Она рисовала себе долгими вечерами, лёжа в постели и дожидаясь как всегда припозднившегося отца, сюжеты, целые драмы, трагедии и комедии собственной будущей жизни. Ночами ей снились какие-то города и неизвестные люди, которых она то поднимала в бой и вела на подвиг, то убегала от них и пряталась в лабиринтах бесконечных незнакомых улиц, то защищала бездомных, несчастных детей, собак и даже птиц, разыскивая их заблудившихся в каменных джунглях родителей. Она отринула все детские капризы и шалости, до смерти напугав этим и без того потерянного отца.

Одним словом, в свои три с хвостиком года Маша стала взрослой.

В день своего пятилетия Маша вместе со Светкой возилась на кухне, давая советы по приготовлению праздничных блюд и пытаясь подавить нарастающее напряжение в ожидании гостей. Именно тогда впервые появилась в её жизни Марина.

Она нерешительно стояла в дверях и умоляющим взглядом смотрела на Машу, как будто просила у неё покровительства и защиты. Отец был бледен, смущён и не в меру суетлив:

– Вот, доча, познакомься, это Марина…

– Она будет у нас жить? – деловито, как и подобает хозяйке, осведомилась Маша.

– Ну да, если ты, конечно, не против, – неуверенно, но с надеждой в голосе пролепетал отец.

– Нет, я не против, – спокойно ответила она и, повернувшись к растерянной гостье, совершенно обыденным тоном спросила: – Ты хочешь быть моей мамой? – и, не дожидаясь ответа, добавила: – Нет, для мамы ты ещё молодая, я тебя лучше буду Мариной называть, согласна?

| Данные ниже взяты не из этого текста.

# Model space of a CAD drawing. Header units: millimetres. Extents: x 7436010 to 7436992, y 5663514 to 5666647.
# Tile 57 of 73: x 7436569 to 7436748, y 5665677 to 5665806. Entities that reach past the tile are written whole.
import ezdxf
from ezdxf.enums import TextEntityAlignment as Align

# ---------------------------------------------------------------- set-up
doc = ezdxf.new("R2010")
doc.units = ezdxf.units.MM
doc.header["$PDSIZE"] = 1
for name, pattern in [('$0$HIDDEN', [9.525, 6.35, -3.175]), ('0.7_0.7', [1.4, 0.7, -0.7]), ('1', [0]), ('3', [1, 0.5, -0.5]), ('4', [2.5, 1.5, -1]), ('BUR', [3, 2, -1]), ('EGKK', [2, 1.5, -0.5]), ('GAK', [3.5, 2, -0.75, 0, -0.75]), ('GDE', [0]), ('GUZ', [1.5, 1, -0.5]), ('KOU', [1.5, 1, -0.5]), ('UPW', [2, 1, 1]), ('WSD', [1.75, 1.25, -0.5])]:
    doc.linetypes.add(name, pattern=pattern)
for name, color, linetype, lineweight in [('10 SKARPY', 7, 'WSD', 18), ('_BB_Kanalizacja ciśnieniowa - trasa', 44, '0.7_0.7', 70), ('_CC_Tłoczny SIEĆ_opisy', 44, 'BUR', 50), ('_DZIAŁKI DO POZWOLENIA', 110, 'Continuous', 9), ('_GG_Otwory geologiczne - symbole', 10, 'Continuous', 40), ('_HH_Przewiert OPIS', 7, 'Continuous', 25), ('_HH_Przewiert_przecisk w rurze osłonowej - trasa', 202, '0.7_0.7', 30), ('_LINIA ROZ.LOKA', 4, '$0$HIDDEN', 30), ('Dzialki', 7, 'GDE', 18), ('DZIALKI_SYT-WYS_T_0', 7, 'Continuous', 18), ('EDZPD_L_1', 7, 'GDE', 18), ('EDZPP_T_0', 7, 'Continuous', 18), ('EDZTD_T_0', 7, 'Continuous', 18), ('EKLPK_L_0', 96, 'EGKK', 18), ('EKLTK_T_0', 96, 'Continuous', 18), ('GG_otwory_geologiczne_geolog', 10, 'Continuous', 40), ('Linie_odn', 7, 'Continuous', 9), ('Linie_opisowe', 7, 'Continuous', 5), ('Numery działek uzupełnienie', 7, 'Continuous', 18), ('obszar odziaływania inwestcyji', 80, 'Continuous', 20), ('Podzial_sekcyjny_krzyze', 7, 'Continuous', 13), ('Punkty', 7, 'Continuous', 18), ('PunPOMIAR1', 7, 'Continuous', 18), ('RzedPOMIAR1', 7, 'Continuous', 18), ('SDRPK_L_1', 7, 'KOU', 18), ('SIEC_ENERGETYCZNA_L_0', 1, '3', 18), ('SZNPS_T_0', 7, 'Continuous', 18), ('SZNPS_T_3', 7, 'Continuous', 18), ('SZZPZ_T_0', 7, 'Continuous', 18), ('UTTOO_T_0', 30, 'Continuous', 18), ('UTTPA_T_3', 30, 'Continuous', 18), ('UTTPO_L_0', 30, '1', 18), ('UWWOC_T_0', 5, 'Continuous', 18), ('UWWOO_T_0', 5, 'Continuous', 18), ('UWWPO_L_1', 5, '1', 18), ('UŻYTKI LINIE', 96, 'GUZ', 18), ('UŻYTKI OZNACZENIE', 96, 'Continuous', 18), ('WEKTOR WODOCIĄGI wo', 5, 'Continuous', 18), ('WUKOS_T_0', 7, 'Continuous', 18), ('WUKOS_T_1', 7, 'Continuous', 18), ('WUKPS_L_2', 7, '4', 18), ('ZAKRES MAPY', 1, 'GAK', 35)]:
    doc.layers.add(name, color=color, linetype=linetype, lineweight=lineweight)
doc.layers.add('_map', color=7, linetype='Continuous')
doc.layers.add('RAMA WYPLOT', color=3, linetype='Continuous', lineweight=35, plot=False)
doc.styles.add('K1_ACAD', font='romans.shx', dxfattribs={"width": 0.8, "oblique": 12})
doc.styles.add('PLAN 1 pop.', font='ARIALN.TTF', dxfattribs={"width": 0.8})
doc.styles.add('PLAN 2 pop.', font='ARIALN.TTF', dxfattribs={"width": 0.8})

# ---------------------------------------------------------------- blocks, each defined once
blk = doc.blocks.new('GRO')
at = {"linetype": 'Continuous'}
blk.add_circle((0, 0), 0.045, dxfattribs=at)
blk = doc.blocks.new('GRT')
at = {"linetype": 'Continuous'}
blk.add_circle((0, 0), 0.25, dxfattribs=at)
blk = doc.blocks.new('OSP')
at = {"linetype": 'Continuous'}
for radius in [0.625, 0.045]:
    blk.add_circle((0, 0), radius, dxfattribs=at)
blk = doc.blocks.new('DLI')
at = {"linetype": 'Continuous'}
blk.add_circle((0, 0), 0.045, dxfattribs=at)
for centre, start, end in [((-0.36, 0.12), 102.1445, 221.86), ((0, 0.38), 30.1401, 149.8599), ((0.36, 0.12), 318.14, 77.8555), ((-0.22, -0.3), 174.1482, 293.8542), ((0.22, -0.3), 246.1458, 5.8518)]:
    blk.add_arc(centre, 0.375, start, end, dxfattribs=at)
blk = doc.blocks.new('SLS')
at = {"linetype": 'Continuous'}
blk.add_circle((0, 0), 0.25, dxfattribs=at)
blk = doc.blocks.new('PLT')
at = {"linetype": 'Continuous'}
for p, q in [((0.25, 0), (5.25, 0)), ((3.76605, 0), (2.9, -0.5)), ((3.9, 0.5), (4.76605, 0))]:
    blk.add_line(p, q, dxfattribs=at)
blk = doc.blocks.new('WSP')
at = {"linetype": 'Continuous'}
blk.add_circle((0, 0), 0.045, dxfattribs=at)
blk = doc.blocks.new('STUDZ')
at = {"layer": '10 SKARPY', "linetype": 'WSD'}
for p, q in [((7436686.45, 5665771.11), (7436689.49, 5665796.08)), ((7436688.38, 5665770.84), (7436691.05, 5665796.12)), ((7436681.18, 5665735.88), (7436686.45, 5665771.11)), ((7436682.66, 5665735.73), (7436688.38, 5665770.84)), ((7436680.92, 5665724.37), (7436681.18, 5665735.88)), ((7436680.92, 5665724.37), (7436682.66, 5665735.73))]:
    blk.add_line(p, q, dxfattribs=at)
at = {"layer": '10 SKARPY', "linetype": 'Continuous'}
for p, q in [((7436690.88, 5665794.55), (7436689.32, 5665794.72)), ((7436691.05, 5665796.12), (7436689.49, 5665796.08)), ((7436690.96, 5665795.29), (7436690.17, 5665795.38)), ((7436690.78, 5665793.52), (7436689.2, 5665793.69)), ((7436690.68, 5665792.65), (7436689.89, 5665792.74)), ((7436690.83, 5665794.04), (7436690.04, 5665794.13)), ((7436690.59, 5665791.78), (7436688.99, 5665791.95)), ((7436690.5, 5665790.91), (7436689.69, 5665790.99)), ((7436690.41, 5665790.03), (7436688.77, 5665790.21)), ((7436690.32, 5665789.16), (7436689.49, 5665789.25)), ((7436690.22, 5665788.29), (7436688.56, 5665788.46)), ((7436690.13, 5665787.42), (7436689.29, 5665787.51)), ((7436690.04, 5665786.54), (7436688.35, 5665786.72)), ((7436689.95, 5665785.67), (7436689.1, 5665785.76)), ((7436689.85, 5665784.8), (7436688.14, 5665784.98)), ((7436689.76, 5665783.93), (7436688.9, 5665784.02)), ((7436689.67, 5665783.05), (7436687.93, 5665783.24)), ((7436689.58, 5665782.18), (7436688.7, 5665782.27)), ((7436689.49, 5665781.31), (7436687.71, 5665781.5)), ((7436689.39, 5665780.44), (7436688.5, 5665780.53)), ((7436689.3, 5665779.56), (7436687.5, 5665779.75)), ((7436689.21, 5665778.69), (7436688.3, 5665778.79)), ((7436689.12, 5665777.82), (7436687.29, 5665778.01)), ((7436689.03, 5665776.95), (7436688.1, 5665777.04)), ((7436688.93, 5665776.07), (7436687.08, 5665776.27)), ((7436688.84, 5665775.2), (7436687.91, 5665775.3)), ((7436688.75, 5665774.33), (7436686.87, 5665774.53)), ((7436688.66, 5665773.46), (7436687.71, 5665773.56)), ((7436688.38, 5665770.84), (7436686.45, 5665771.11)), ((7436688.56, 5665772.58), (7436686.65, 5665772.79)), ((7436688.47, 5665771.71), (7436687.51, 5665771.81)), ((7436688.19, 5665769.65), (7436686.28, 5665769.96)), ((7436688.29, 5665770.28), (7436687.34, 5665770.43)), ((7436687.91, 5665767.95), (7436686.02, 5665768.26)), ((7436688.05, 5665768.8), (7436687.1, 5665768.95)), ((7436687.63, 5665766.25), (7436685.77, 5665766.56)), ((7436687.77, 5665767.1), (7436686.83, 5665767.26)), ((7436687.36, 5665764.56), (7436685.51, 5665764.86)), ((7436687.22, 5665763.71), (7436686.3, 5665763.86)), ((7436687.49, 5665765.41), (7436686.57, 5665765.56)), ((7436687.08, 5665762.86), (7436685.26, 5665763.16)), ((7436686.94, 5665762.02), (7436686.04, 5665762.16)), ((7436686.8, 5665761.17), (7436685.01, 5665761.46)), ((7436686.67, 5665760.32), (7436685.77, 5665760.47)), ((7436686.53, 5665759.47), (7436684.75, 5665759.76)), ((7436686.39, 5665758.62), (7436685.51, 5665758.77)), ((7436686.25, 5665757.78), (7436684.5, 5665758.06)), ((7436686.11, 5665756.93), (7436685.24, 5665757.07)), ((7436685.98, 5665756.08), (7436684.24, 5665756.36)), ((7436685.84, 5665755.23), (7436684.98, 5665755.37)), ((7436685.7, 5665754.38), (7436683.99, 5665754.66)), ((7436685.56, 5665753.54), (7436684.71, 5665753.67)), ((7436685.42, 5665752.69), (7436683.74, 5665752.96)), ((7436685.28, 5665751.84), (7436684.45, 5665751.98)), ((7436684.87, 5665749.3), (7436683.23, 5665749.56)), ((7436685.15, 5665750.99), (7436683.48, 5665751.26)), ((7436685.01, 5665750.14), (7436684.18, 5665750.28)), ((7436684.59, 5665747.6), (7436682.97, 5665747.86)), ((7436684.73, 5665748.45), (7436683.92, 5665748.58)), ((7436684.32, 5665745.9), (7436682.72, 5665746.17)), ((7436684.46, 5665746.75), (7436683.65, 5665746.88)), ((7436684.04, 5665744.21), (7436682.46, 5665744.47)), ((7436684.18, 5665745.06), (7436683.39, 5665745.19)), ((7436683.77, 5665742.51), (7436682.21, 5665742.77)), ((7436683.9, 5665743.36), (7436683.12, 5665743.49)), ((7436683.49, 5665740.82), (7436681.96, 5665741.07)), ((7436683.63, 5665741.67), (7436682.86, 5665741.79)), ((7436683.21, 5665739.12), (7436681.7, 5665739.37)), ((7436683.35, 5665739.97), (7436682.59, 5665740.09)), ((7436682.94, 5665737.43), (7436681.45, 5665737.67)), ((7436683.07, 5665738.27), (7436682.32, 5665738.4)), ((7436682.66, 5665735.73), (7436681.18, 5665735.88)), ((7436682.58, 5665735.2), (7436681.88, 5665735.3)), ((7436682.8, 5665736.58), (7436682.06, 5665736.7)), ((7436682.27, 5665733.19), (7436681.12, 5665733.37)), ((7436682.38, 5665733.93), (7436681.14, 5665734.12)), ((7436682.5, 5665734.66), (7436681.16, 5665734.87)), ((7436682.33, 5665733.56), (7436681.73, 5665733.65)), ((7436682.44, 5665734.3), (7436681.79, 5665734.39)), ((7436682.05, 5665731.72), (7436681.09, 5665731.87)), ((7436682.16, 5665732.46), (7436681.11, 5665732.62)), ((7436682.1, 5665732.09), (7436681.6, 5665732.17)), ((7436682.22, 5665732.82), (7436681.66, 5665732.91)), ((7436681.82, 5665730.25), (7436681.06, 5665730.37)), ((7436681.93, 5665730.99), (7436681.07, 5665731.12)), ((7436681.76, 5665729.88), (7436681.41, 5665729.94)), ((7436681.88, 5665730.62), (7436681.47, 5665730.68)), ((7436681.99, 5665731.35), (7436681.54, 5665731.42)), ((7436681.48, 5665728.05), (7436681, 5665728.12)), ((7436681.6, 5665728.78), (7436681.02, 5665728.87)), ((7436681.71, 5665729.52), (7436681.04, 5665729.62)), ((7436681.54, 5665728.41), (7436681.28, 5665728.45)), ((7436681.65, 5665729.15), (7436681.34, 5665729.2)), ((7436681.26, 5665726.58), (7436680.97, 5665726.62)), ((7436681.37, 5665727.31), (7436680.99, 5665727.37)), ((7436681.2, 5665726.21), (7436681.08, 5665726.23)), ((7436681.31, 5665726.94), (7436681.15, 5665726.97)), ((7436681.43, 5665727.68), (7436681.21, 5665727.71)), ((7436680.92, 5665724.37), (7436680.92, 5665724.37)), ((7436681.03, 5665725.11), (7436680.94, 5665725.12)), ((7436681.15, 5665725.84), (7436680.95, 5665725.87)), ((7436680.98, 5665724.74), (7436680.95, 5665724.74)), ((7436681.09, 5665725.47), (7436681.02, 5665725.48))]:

Марина, не сводя с Маши умоляющих и одновременно переполненных жалостью глаз, опустилась на пол прямо у двери и безутешно заплакала. Маша с папой, у которого тоже глаза были явно на мокром месте, её едва успокоили, проводили в ванную, где Марина долго приводила себя в порядок. Папа всё прижимал к себе Машу и твердил совсем, на ее взгляд, не к месту: «Спасибо тебе, доча, спасибо! Марина – Человек, поверь! Спасибо! Я рад-то как, спасибо!» Как будто Маша сама не видела и не понимала, что папина гостья – человек, а не собака дворовая. Странные эти взрослые – хуже маленьких детей!

А потом всё само собой наладилось.

Марина с радостью проводила с Машей любую свободную минуту. Она читала ей, рассказывала невероятные истории, шила яркие, сказочные карнавальные платья, и они, нарядившись обе, разыгрывали перед папой и обалдевшей Светкой феерические спектакли. Они учили английский и вместе готовили праздники для соседской детворы, мастерили подарки, стараясь угадать, что и кому понравится больше. И, наконец, однажды, когда Маша перешла во второй класс, они начали писать книгу.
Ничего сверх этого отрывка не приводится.